1. **Install Dependencies:**
   ```bash
   pip install -r requirements.txt
   ```

2. **Run Batch Generation:**
   ```bash
   # Preview what will be generated
   python main.py --preview --template "a [romantic|dramatic] scene with [two people|a couple]"
   
   # Generate with default settings
   python main.py --template "your template here"
   
   # High-quality generation
   python main.py --config configs/high_quality.yaml --template "your template"
   ```

3. **Customize Settings:**
   - Edit `configs/default.yaml` for your preferred settings
   - Adjust resolution based on your VRAM (512x512 vs 1280x720)
   - Modify generation parameters (steps, guidance, etc.)

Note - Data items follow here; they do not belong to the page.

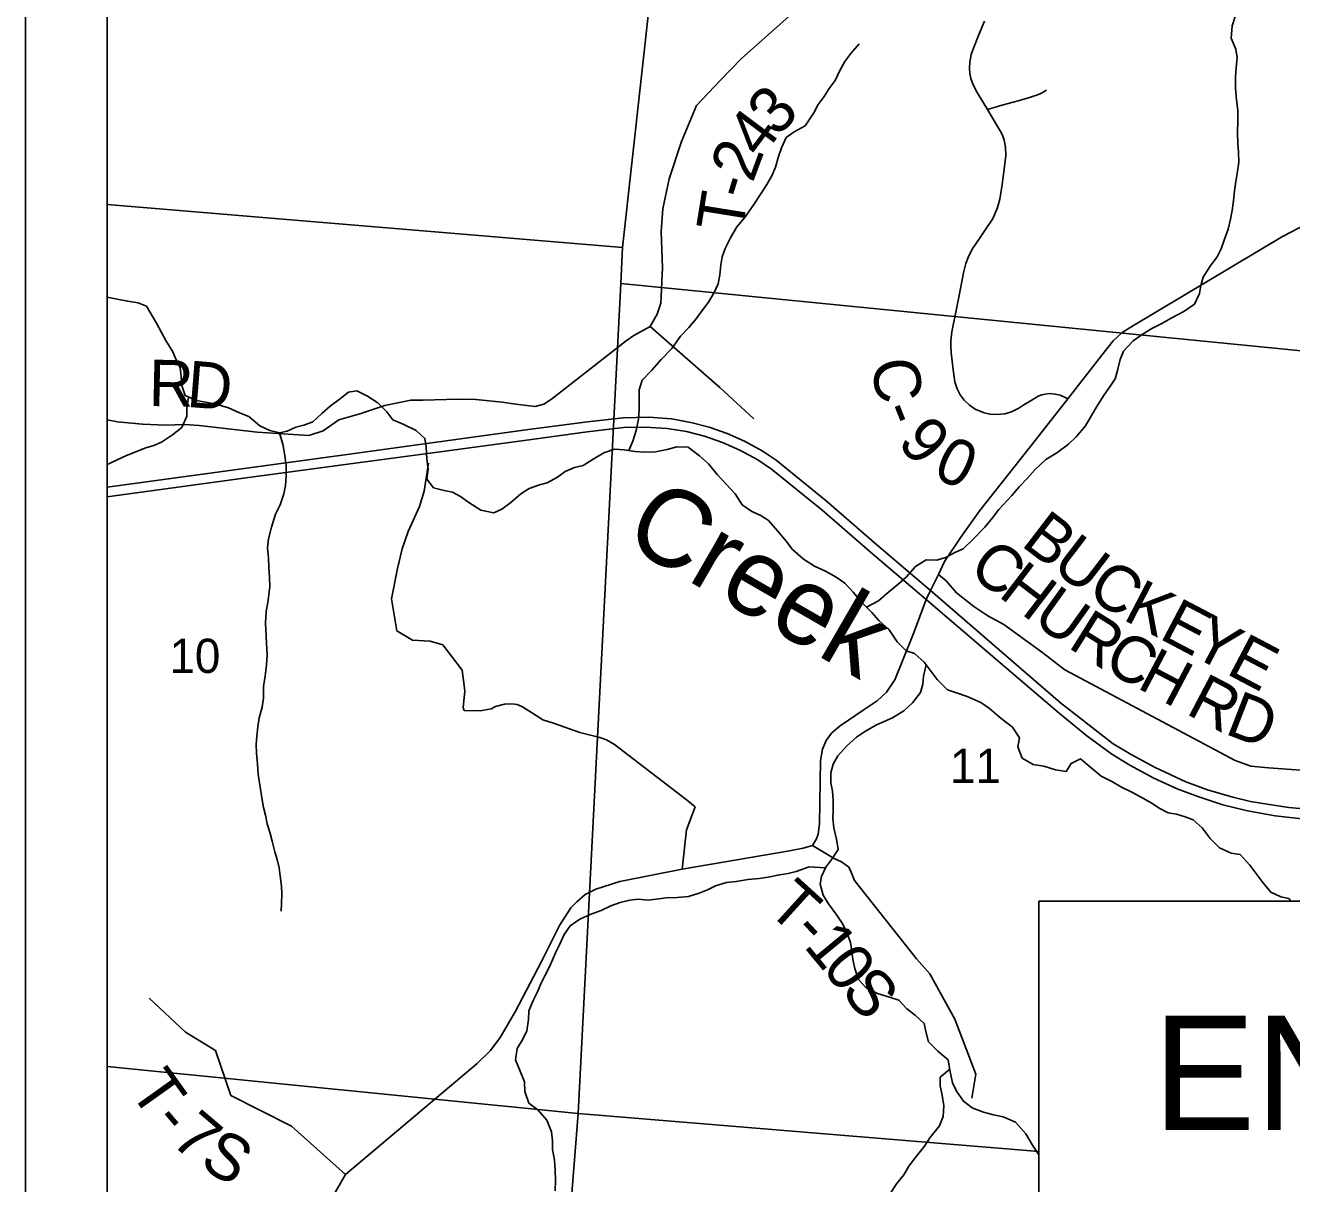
# Model space of a CAD drawing. Extents: x 0 to 34, y 0 to 22.
# Drawn here: x 23.417 to 24.965, y 18.118 to 19.535 of the extents above; entities that cross this region are included whole.
import ezdxf

# ---------------------------------------------------------------- set-up
doc = ezdxf.new("R2010")
doc.units = 0
for name, color, linetype in [('GM_X_Corporation', 7, 'Continuous'), ('GM_X_County_Road', 7, 'Continuous'), ('GM_X_County_Road_Text', 7, 'Continuous'), ('GM_X_Minor_River', 7, 'Continuous'), ('GM_X_Minor_River_Text', 7, 'Continuous'), ('GM_X_Section_Text', 7, 'Continuous'), ('GM_X_State_Route', 7, 'Continuous'), ('GM_X_Township_Road', 7, 'Continuous'), ('GM_X_Township_Road_Text', 7, 'Continuous'), ('SH_Data', 7, 'Continuous'), ('SH_Text', 7, 'Continuous')]:
    doc.layers.add(name, color=color, linetype=linetype)

msp = doc.modelspace()

# ---------------------------------------------------------------- linework, layer by layer
at = {"layer": 'GM_X_Corporation'}
for points in [[(23.5167, 20.1488), (23.5167, 19.3154), (24.147, 19.2629), (24.2381, 20.0885)], [(24.3968, 20.0768), (25.2979, 20.0049), (25.2286, 19.1118), (24.145, 19.219), (24.147, 19.2629), (24.2381, 20.0885)], [(23.5167, 19.3154), (23.5167, 18.2613), (24.0929, 18.2038), (24.145, 19.219), (24.147, 19.2629)], [(23.5167, 18.2613), (23.5167, 17.2158), (24.0111, 17.1749), (24.0929, 18.2038)]]:
    msp.add_lwpolyline(points, close=True, dxfattribs=at)
for points in [[(26.1825, 18.4635), (26.1926, 18.5708), (26.207, 18.8068), (26.2271, 19.0168), (26.2277, 19.0233), (26.2281, 19.0286), (26.3029, 19.931), (25.7174, 19.9778), (25.482, 19.99), (25.2916, 20.0037), (25.117, 20.0172), (24.3889, 20.0736), (24.2296, 20.084), (23.8215, 20.1257), (23.5167, 20.1476), (23.5167, 14.1), (25.8273, 14.1), (25.8671, 14.5774), (25.9626, 15.7291)], [(24.656, 18.1575), (24.0929, 18.2038), (24.145, 19.219), (25.2286, 19.1118), (25.1756, 18.4635)], [(25.0768, 17.6235), (25.0299, 17.0732), (24.0111, 17.1749), (24.0929, 18.2038), (24.656, 18.1575)]]:
    msp.add_lwpolyline(points, dxfattribs=at)
at = {"layer": 'GM_X_County_Road'}
msp.add_lwpolyline([(24.6916, 19.078), (24.6868, 19.0805), (24.6822, 19.0824), (24.6763, 19.0837), (24.6692, 19.0842), (24.664, 19.0836), (24.6597, 19.0826), (24.6554, 19.081), (24.6466, 19.076), (24.6377, 19.0704), (24.6317, 19.0666), (24.6227, 19.0621), (24.6147, 19.0597), (24.6046, 19.0586), (24.5966, 19.0591), (24.5892, 19.0607), (24.5784, 19.0653), (24.5712, 19.0702), (24.5647, 19.0764), (24.56, 19.0828), (24.5562, 19.09), (24.5533, 19.0987), (24.5513, 19.1134), (24.5491, 19.1347), (24.5487, 19.1421), (24.5487, 19.1487), (24.5499, 19.1599), (24.5546, 19.1838), (24.5586, 19.2042), (24.564, 19.232), (24.567, 19.2432), (24.5698, 19.2507), (24.5748, 19.2608), (24.5845, 19.2753), (24.5919, 19.286), (24.5993, 19.2976), (24.602, 19.3029), (24.6057, 19.3118), (24.6086, 19.3219), (24.6114, 19.3401), (24.6142, 19.3622), (24.6158, 19.3755), (24.6154, 19.3856), (24.6136, 19.3944), (24.6115, 19.4003), (24.6089, 19.4057), (24.6041, 19.4138), (24.5932, 19.4319), (24.5876, 19.4411), (24.5806, 19.4526), (24.5758, 19.4618), (24.5731, 19.4696), (24.5719, 19.4759), (24.5713, 19.4824), (24.5716, 19.4898), (24.5734, 19.4989), (24.5761, 19.5068), (24.5824, 19.5222), (24.5895, 19.5398)], dxfattribs=at)
at = {"layer": 'GM_X_Minor_River'}
for points in [[(24.4454, 18.8229), (24.4602, 18.8308), (24.4724, 18.8413), (24.4838, 18.8507), (24.4937, 18.8597), (24.5055, 18.8729), (24.5184, 18.8808), (24.5313, 18.8807), (24.5434, 18.8841), (24.5533, 18.8901), (24.5635, 18.8945), (24.5753, 18.9058), (24.5902, 18.9209), (24.5994, 18.9322), (24.6074, 18.9424), (24.623, 18.9598), (24.6325, 18.9707), (24.6417, 18.9805), (24.6516, 18.9914), (24.6646, 19.0035), (24.6782, 19.0117), (24.6923, 19.0223), (24.7018, 19.0313), (24.7133, 19.0449), (24.7205, 19.0574), (24.7282, 19.0706), (24.7362, 19.0827), (24.7431, 19.0925), (24.7496, 19.1023), (24.7523, 19.1125), (24.7555, 19.1261), (24.7597, 19.136), (24.7715, 19.1488), (24.7825, 19.1567), (24.7943, 19.1638), (24.8065, 19.1698), (24.8178, 19.1766), (24.8334, 19.1848), (24.8467, 19.1938), (24.8525, 19.2067), (24.8544, 19.2165), (24.8572, 19.2267), (24.8656, 19.2403), (24.8744, 19.2517), (24.8793, 19.2615), (24.8828, 19.2721), (24.8875, 19.2853), (24.8906, 19.2978), (24.8925, 19.3084), (24.8941, 19.3202), (24.8953, 19.3323), (24.8969, 19.3437), (24.8985, 19.3535), (24.9009, 19.3672), (24.9002, 19.3797), (24.8995, 19.3896), (24.8989, 19.4032), (24.8993, 19.4184), (24.8994, 19.4309), (24.898, 19.4434), (24.8966, 19.4578), (24.8967, 19.4711), (24.8975, 19.4829), (24.8987, 19.4954), (24.8969, 19.5056), (24.8913, 19.5189), (24.8926, 19.5341), (24.8972, 19.5481)], [(24.1549, 19.0147), (24.1596, 19.0262), (24.1638, 19.039), (24.1665, 19.0531), (24.1674, 19.0648), (24.1675, 19.0887), (24.171, 19.1008), (24.1828, 19.1129), (24.1943, 19.1261), (24.2072, 19.1393), (24.2179, 19.1544), (24.2279, 19.1653), (24.237, 19.1758), (24.2446, 19.1857), (24.2523, 19.1959), (24.2592, 19.2079), (24.2638, 19.2185), (24.2661, 19.2295), (24.2673, 19.2416), (24.2689, 19.2515), (24.2724, 19.2617), (24.2789, 19.2749), (24.2866, 19.2882), (24.2961, 19.2991), (24.3068, 19.3142), (24.3171, 19.3297), (24.3233, 19.3399), (24.3298, 19.3508), (24.334, 19.3614), (24.3379, 19.3743), (24.3414, 19.3849), (24.3471, 19.3974), (24.357, 19.4045), (24.3703, 19.4116), (24.381, 19.4275), (24.3864, 19.4377), (24.3936, 19.4475), (24.3997, 19.4573), (24.407, 19.4671), (24.4128, 19.4796), (24.4189, 19.4906), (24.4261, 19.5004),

### 💡 Tips for Best Results:

- **Memory Management:** Use 512x512 for lower VRAM, 720P for high-end GPUs
- **Quality vs Speed:** More steps = better quality but slower generation
- **Batch Processing:** Use our system for generating many variations efficiently
- **Organization:** All outputs are automatically organized with metadata

### 🔧 System Integration:
The WAN model is now fully integrated into our batch processing system. You can use either:
- **This notebook** for interactive single-video generation
- **Command line tool** for automated batch processing with prompt variations

Both approaches use the same underlying WAN model implementation!